[Task statement]
Lines containing the word "class": say how many there are in the listing, with only the number as the answer.

───── The input

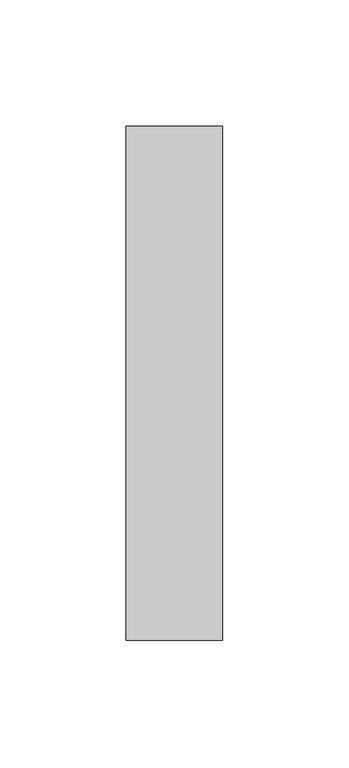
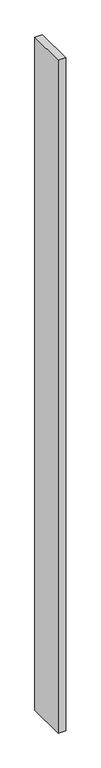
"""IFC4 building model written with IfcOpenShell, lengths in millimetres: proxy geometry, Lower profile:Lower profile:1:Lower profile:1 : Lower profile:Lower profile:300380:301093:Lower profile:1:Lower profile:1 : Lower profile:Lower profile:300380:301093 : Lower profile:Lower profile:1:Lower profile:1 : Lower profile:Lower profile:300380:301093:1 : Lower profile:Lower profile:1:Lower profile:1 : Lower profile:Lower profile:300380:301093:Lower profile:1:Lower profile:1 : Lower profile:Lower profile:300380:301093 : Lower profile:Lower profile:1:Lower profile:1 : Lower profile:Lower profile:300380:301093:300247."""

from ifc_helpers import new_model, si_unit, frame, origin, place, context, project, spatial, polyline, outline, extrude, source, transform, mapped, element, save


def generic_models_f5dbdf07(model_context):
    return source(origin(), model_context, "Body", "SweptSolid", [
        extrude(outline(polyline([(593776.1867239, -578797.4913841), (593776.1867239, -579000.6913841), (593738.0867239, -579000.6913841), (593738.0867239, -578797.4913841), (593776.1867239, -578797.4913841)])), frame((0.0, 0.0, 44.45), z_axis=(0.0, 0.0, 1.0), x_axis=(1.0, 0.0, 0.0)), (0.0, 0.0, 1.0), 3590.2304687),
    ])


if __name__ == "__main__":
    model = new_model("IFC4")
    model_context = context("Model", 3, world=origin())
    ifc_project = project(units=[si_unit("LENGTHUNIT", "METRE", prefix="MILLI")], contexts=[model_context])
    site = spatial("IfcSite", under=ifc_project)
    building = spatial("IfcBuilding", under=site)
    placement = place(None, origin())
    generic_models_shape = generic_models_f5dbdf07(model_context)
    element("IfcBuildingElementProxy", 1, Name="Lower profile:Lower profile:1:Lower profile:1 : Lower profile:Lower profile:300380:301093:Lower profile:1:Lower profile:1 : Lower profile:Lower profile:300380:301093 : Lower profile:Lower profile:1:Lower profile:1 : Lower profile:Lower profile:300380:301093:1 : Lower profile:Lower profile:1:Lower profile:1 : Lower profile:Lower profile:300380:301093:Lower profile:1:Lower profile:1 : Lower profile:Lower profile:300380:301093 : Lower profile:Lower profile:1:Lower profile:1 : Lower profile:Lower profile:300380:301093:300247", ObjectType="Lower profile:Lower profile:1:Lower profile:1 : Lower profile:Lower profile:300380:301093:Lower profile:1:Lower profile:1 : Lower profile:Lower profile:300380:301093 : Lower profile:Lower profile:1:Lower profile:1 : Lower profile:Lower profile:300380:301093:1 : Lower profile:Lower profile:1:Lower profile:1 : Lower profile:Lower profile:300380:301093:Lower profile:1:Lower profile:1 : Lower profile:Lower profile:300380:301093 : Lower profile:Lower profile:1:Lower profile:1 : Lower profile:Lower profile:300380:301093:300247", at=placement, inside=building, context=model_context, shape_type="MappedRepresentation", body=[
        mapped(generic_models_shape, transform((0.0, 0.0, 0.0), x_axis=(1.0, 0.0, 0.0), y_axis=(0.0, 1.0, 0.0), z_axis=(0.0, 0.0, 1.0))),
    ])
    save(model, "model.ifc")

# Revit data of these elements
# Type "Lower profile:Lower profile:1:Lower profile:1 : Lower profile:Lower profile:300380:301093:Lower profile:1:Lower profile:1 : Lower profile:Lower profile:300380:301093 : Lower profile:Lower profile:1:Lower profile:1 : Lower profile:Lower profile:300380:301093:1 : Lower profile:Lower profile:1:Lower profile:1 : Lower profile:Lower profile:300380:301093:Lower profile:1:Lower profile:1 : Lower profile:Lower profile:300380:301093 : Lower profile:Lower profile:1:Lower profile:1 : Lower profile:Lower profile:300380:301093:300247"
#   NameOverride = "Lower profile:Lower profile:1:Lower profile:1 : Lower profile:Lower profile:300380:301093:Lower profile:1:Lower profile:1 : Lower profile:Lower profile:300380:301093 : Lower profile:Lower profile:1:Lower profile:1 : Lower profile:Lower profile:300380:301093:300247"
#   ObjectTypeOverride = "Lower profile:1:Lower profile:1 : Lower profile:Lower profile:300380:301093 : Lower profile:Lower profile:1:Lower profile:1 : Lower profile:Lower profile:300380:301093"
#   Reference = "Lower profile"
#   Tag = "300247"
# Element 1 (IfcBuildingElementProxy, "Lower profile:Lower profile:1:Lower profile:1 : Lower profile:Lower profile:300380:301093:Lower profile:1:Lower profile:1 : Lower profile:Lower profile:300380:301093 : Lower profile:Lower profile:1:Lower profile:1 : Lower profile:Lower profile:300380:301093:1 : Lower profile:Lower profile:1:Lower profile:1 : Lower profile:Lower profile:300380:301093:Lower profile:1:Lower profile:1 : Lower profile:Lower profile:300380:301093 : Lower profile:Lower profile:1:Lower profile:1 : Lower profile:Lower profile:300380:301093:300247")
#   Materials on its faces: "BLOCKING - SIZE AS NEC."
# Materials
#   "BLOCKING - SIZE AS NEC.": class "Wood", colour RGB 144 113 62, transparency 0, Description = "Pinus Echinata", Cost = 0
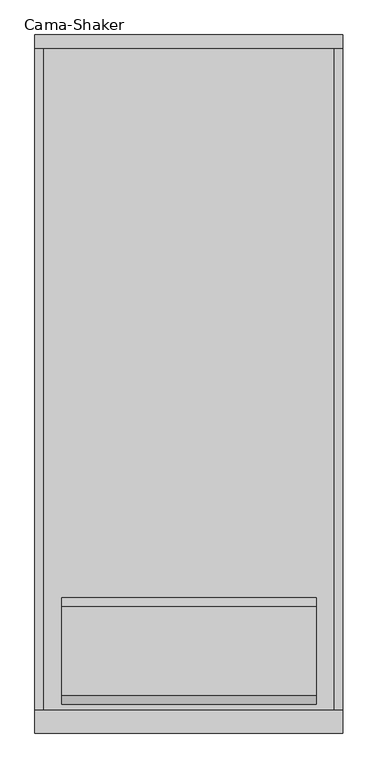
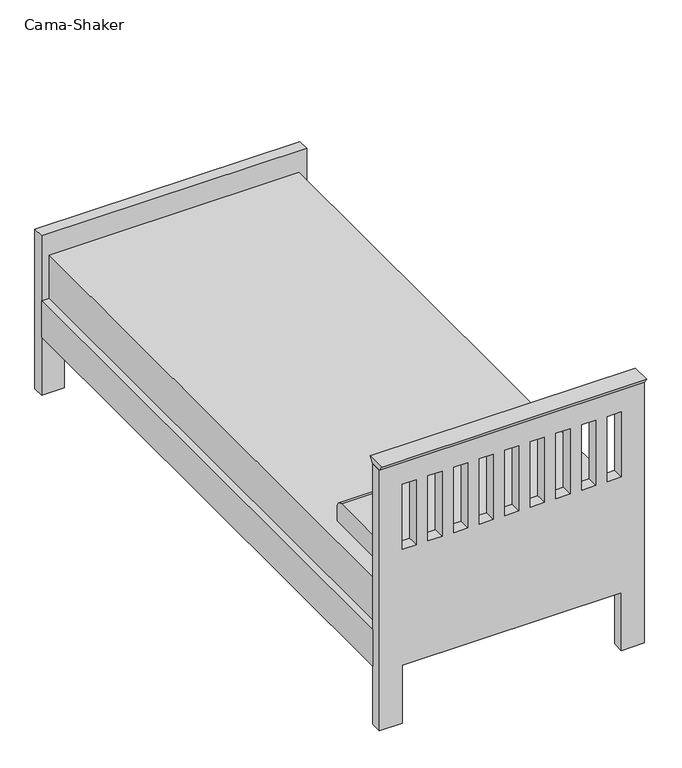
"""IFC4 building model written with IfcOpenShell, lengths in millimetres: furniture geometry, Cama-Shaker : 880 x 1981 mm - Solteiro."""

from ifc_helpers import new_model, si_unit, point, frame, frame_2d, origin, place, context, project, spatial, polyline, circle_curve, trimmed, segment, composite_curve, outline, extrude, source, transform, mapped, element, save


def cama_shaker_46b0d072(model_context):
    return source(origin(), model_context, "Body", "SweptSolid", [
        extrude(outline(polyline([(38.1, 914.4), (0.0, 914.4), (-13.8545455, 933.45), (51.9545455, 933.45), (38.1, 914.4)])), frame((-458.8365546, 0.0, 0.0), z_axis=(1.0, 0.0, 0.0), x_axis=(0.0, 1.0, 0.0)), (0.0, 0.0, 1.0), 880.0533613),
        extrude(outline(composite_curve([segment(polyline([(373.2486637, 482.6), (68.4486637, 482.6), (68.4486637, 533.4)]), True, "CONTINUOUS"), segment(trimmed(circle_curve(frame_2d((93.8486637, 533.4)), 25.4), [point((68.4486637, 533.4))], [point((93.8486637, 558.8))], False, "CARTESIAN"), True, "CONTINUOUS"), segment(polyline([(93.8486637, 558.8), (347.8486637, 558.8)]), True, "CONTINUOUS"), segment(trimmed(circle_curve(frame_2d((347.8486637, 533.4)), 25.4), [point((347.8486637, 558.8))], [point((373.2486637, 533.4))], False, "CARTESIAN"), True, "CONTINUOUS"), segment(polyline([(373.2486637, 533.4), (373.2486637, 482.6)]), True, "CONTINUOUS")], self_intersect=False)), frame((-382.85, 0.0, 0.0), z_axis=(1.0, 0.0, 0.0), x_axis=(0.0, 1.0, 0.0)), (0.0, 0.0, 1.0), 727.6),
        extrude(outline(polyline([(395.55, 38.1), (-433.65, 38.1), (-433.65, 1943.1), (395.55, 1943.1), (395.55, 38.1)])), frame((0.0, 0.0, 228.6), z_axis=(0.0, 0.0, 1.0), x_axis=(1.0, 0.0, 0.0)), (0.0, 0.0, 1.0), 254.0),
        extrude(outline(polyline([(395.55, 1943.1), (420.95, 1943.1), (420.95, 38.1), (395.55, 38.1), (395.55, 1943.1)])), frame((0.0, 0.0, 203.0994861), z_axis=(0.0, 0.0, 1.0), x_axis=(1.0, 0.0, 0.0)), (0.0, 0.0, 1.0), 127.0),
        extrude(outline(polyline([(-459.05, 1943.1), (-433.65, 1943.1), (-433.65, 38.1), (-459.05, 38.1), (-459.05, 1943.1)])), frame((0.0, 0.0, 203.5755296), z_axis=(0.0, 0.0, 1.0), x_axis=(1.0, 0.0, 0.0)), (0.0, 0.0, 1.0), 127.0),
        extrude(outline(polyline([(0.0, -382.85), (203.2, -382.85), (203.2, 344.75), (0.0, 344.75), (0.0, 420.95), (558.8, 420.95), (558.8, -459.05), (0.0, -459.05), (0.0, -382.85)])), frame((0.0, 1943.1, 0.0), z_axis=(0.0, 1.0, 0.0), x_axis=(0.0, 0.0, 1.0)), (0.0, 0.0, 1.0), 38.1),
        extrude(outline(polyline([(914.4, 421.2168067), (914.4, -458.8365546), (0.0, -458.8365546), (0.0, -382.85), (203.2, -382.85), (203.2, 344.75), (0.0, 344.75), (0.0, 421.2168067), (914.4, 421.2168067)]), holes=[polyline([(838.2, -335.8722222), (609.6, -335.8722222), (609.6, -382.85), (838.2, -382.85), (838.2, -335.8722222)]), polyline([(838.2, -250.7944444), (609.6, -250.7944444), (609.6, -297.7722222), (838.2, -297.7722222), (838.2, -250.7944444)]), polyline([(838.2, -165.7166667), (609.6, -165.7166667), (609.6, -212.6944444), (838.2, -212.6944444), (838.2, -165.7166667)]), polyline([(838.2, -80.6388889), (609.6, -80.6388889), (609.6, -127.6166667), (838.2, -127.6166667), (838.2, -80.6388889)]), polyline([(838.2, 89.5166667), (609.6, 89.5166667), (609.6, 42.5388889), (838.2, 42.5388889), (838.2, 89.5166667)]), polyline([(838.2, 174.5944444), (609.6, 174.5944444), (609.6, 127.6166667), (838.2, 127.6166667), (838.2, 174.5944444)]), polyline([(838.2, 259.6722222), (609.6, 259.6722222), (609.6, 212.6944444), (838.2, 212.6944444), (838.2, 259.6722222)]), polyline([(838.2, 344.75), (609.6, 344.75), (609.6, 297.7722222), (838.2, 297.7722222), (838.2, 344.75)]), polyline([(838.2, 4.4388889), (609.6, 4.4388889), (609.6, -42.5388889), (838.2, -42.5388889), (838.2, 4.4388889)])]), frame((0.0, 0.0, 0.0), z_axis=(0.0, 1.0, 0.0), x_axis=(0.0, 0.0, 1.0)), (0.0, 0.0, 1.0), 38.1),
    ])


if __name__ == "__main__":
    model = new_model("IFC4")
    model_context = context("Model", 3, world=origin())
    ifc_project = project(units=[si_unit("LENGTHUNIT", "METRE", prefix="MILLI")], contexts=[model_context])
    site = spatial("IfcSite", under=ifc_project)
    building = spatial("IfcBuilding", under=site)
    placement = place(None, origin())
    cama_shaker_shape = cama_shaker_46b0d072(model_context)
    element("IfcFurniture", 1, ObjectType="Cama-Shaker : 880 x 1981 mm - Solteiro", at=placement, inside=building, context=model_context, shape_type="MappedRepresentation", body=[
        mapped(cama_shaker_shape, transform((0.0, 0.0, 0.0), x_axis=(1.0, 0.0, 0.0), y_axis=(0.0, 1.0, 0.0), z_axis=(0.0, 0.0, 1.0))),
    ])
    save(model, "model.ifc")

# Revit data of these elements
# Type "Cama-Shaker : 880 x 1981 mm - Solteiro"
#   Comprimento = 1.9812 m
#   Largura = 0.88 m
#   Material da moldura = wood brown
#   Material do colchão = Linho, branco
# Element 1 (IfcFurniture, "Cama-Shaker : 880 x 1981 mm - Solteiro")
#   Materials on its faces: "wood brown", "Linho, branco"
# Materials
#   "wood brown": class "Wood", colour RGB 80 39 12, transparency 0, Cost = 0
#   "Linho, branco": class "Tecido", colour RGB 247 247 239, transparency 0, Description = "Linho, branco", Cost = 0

──────────

[Exercise result]
3